PPI networks and orthotopic expressions of candidate DEGs
MARCO and PCSK6 were chosen as candidate DEGs to generate PPI networks through String and visualized by cytoscape (figure 6A). The PPI network of MARCO consisted of 11 nodes and 38 edges and the PPI network of PCSK6 consisted of 11 nodes and 16 edges. Each node represented a protein that would interact with MARCO or PCSK6.
The corresponding protein of MARCO and PCSK6 were examined by immunohistochemistry (figure 6B). The representative stainings of PCSK6 in pancreatic cancer, normal pancreas tissue and normal liver tissue were showed, while the stainings of MARCO were negative in current samples of pancreatic cancer, normal pancreas tissue and normal liver tissue in database of The Human Protein Atlas.
Expression of MARCO and TILs in pancreatic cancer
As the expression of MARCO might be related to TILs, correlation between mRNA expression of MARCO and 8 types of TILs including Neutrophil, Macrophage, natural killer cell (NK), myeloid derived suppressor cell (MDSC), regulatory T cell (Treg), activated B cell (Act_B), activated CD4 T cell (Act_CD4) and activated CD8 T cell (Act_CD8) in pancreatic cancer were analyzed (figure 6C). 5 types of TILs including Macrophage, MDSC, NK, Treg and Act_CD4 were positively correlated to expression of MARCO (p value <0.01 and rho>0). Treg, MDSC, Macrophage, NK and Act_CD4 were ranked in decreasing order of rho coefficients.

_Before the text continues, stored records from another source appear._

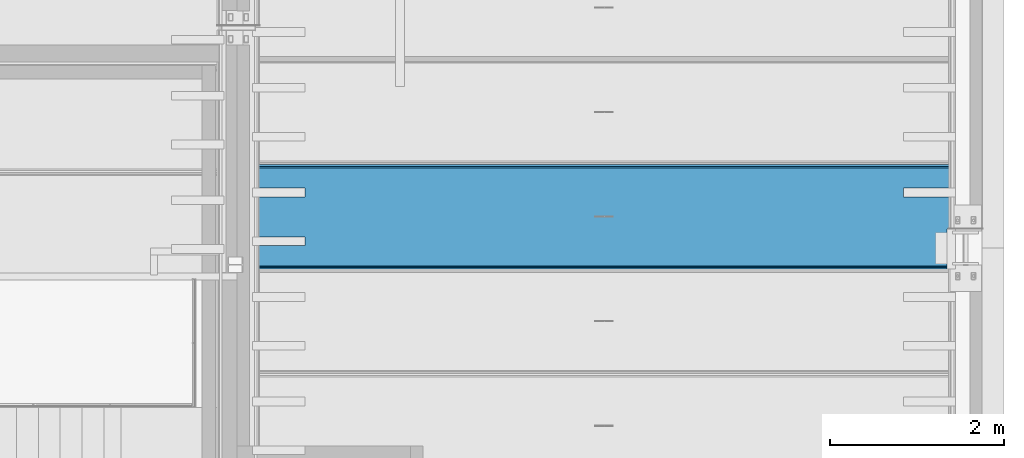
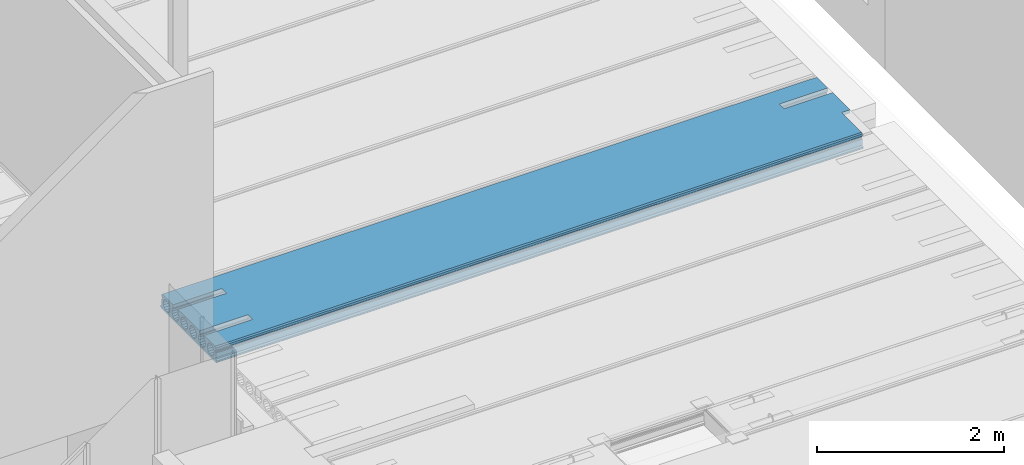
# One storey, part 103 of 230: 1 beam.
"""IFC4X3_ADD2 building model written with IfcOpenShell, lengths in millimetres."""

from ifc_helpers import new_model, si_unit, direction, origin_with_axes, place, context, subcontext, project, spatial, polygons, element, save


model = new_model("IFC4X3_ADD2")

# Units and contexts
model_context = context("Model", 3, precision=1e-05, world=origin_with_axes(), true_north=direction((0.0, 1.0)))
body_context = subcontext(model_context, "Body", "Model", "MODEL_VIEW")
ifc_project = project(units=[si_unit("LENGTHUNIT", "METRE", prefix="MILLI"), si_unit("AREAUNIT", "SQUARE_METRE"), si_unit("VOLUMEUNIT", "CUBIC_METRE"), si_unit("PLANEANGLEUNIT", "RADIAN"), si_unit("TIMEUNIT", "SECOND"), si_unit("MASSUNIT", "GRAM")], contexts=[model_context])

# Site, building, storey
site_placement = place(None, origin_with_axes())
site = spatial("IfcSite", under=ifc_project, at=site_placement, Name="Site", CompositionType="ELEMENT")
building_placement = place(site_placement, origin_with_axes())
building = spatial("IfcBuilding", under=site, at=building_placement, Name="IFC Building Story")
storey_placement = place(building_placement, origin_with_axes())
storey = spatial("IfcBuildingStorey", under=building, at=storey_placement, Name="ETAGE 00 (0)", Elevation=0.0)

# Beam
beam_placement = place(storey_placement, origin_with_axes())
element("IfcBeam", 1, at=beam_placement, inside=storey, Name="HOLLOWCORE SLAB", ObjectType="EB_SP200", context=body_context, shape_type="Tessellation", body=[
    polygons([(40131.189, 5749.0, 3999.9999909), (40131.189, 4571.0, 3999.9999909), (40131.189, 4560.0, 4012.9999909), (40131.189, 4560.0, 4029.9999909), (40131.189, 4580.0, 4044.9999909), (40131.189, 4581.450012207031, 4119.9999909), (40131.189, 4588.982621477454, 4128.676139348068), (40131.189, 4591.839930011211, 4139.805000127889), (40131.189, 4589.418636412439, 4151.036789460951), (40131.189, 4582.22998046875, 4159.9999909), (40131.189, 4582.711296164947, 4185.002769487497), (40131.189, 4598.0, 4199.9999909), (40131.189, 4830.0, 4199.9999909), (40131.189, 4830.0, 4155.806158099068), (40131.189, 4825.320544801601, 4152.679446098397), (40131.189, 4809.170974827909, 4128.509906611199), (40131.189, 4803.5, 4099.9999909), (40131.189, 4809.170974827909, 4071.490075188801), (40131.189, 4825.320544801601, 4047.320535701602), (40131.189, 4849.490084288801, 4031.170965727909), (40131.189, 4878.0, 4025.4999909), (40131.189, 4906.509915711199, 4031.170965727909), (40131.189, 4930.679455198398, 4047.320535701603), (40131.189, 4946.829025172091, 4071.490075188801), (40131.189, 4952.5, 4099.9999909), (40131.189, 4946.829025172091, 4128.509906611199), (40131.189, 4930.679455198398, 4152.679446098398), (40131.189, 4930.0, 4153.13344354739), (40131.189, 4930.0, 4199.9999909), (40131.189, 5390.0, 4199.9999909), (40131.189, 5390.0, 4153.13344354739), (40131.189, 5389.320544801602, 4152.679446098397), (40131.189, 5373.170974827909, 4128.509906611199), (40131.189, 5367.5, 4099.9999909), (40131.189, 5373.170974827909, 4071.490075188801), (40131.189, 5389.320544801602, 4047.320535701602), (40131.189, 5413.490084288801, 4031.170965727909), (40131.189, 5442.0, 4025.4999909), (40131.189, 5470.509915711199, 4031.170965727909), (40131.189, 5494.679455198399, 4047.320535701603), (40131.189, 5510.82902517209, 4071.490075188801), (40131.189, 5516.5, 4099.9999909), (40131.189, 5510.82902517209, 4128.509906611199), (40131.189, 5494.679455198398, 4152.679446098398), (40131.189, 5490.0, 4155.806158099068), (40131.189, 5490.0, 4199.9999909), (40131.189, 5722.0, 4199.9999909), (40131.189, 5737.288703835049, 4185.002769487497), (40131.189, 5737.77001953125, 4159.9999909), (40131.189, 5730.58136358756, 4151.036789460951), (40131.189, 5728.160069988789, 4139.805000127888), (40131.189, 5731.017378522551, 4128.676139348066), (40131.189, 5738.549987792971, 4119.9999909), (40131.189, 5740.0, 4044.9999909), (40131.189, 5760.0, 4029.9999909), (40131.189, 5760.0, 4012.9999909), (40131.189, 5682.679455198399, 4152.679446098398), (40131.189, 5658.5099157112, 4168.829016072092), (40131.189, 5630.0, 4174.4999909), (40131.189, 5601.4900842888, 4168.829016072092), (40131.189, 5577.320544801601, 4152.679446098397), (40131.189, 5561.17097482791, 4128.509906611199), (40131.189, 5555.5, 4099.9999909), (40131.189, 5561.17097482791, 4071.490075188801), (40131.189, 5577.320544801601, 4047.320535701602), (40131.189, 5601.4900842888, 4031.170965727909), (40131.189, 5630.0, 4025.4999909), (40131.189, 5658.5099157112, 4031.170965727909), (40131.189, 5682.679455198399, 4047.320535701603), (40131.189, 5698.82902517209, 4071.490075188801), (40131.189, 5704.5, 4099.9999909), (40131.189, 5698.82902517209, 4128.509906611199), (40131.189, 5306.679455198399, 4152.679446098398), (40131.189, 5282.509915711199, 4168.829016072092), (40131.189, 5254.0, 4174.4999909), (40131.189, 5225.490084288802, 4168.829016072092), (40131.189, 5201.320544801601, 4152.679446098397), (40131.189, 5185.170974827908, 4128.509906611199), (40131.189, 5179.5, 4099.9999909), (40131.189, 5185.17097482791, 4071.490075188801), (40131.189, 5201.320544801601, 4047.320535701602), (40131.189, 5225.490084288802, 4031.170965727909), (40131.189, 5254.0, 4025.4999909), (40131.189, 5282.509915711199, 4031.170965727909), (40131.189, 5306.679455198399, 4047.320535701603), (40131.189, 5322.829025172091, 4071.490075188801), (40131.189, 5328.5, 4099.9999909), (40131.189, 5322.829025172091, 4128.509906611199), (40131.189, 5118.679455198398, 4152.679446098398), (40131.189, 5094.509915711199, 4168.829016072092), (40131.189, 5066.0, 4174.4999909), (40131.189, 5037.490084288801, 4168.829016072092), (40131.189, 5013.320544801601, 4152.679446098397), (40131.189, 4997.170974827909, 4128.509906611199), (40131.189, 4991.5, 4099.9999909), (40131.189, 4997.170974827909, 4071.490075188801), (40131.189, 5013.320544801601, 4047.320535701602), (40131.189, 5037.490084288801, 4031.170965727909), (40131.189, 5066.0, 4025.4999909), (40131.189, 5094.509915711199, 4031.170965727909), (40131.189, 5118.679455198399, 4047.320535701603), (40131.189, 5134.829025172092, 4071.490075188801), (40131.189, 5140.5, 4099.9999909), (40131.189, 5134.82902517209, 4128.509906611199), (40131.189, 4742.679455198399, 4152.679446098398), (40131.189, 4718.509915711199, 4168.829016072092), (40131.189, 4690.0, 4174.4999909), (40131.189, 4661.490084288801, 4168.829016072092), (40131.189, 4637.320544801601, 4152.679446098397), (40131.189, 4621.170974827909, 4128.509906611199), (40131.189, 4615.500000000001, 4099.9999909), (40131.189, 4621.170974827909, 4071.490075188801), (40131.189, 4637.320544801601, 4047.320535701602), (40131.189, 4661.490084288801, 4031.170965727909), (40131.189, 4690.0, 4025.4999909), (40131.189, 4718.509915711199, 4031.170965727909), (40131.189, 4742.679455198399, 4047.320535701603), (40131.189, 4758.829025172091, 4071.490075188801), (40131.189, 4764.5, 4099.9999909), (40131.189, 4758.829025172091, 4128.509906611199), (48196.189, 5749.0, 3999.9999909), (48196.189, 5760.0, 4012.9999909), (48196.189, 5760.0, 4029.9999909), (48196.189, 5740.0, 4044.9999909), (48196.189, 5738.549987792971, 4119.9999909), (48196.189, 5731.017378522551, 4128.676139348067), (48196.189, 5728.160069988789, 4139.805000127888), (48196.189, 5730.58136358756, 4151.036789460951), (48196.189, 5737.77001953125, 4159.9999909), (48196.189, 5737.288703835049, 4185.002769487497), (48196.189, 5722.0, 4199.9999909), (48196.189, 5490.0, 4199.9999909), (48196.189, 5490.0, 4155.806158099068), (48196.189, 5494.679455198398, 4152.679446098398), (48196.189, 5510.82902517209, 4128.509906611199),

Functional gene sets correlated to expression of PCSK6
Totally 172 samples of pancreatic adenocarcinoma from TCGA were separated into group PCSK6_high (n=86) and group PCSK6_low (n=86). The enrichment list of gene sets (top 20) was ranked by NES (table 3). There were 9 significant gene sets (normalized P<0.05) included Notch signaling, Mitotic spindle, TGF beta signaling, Glycolysis, Estrogen response early, Peroxisome, Estrogen response late, Apoptosis and P53 pathway. The enrichment plots of significant gene sets were showed (figure 7A). Top 50 genes in each group were plotted by heatmap (figure 7B). The correlations between NES and p value of gene sets were visualized (figure 7C).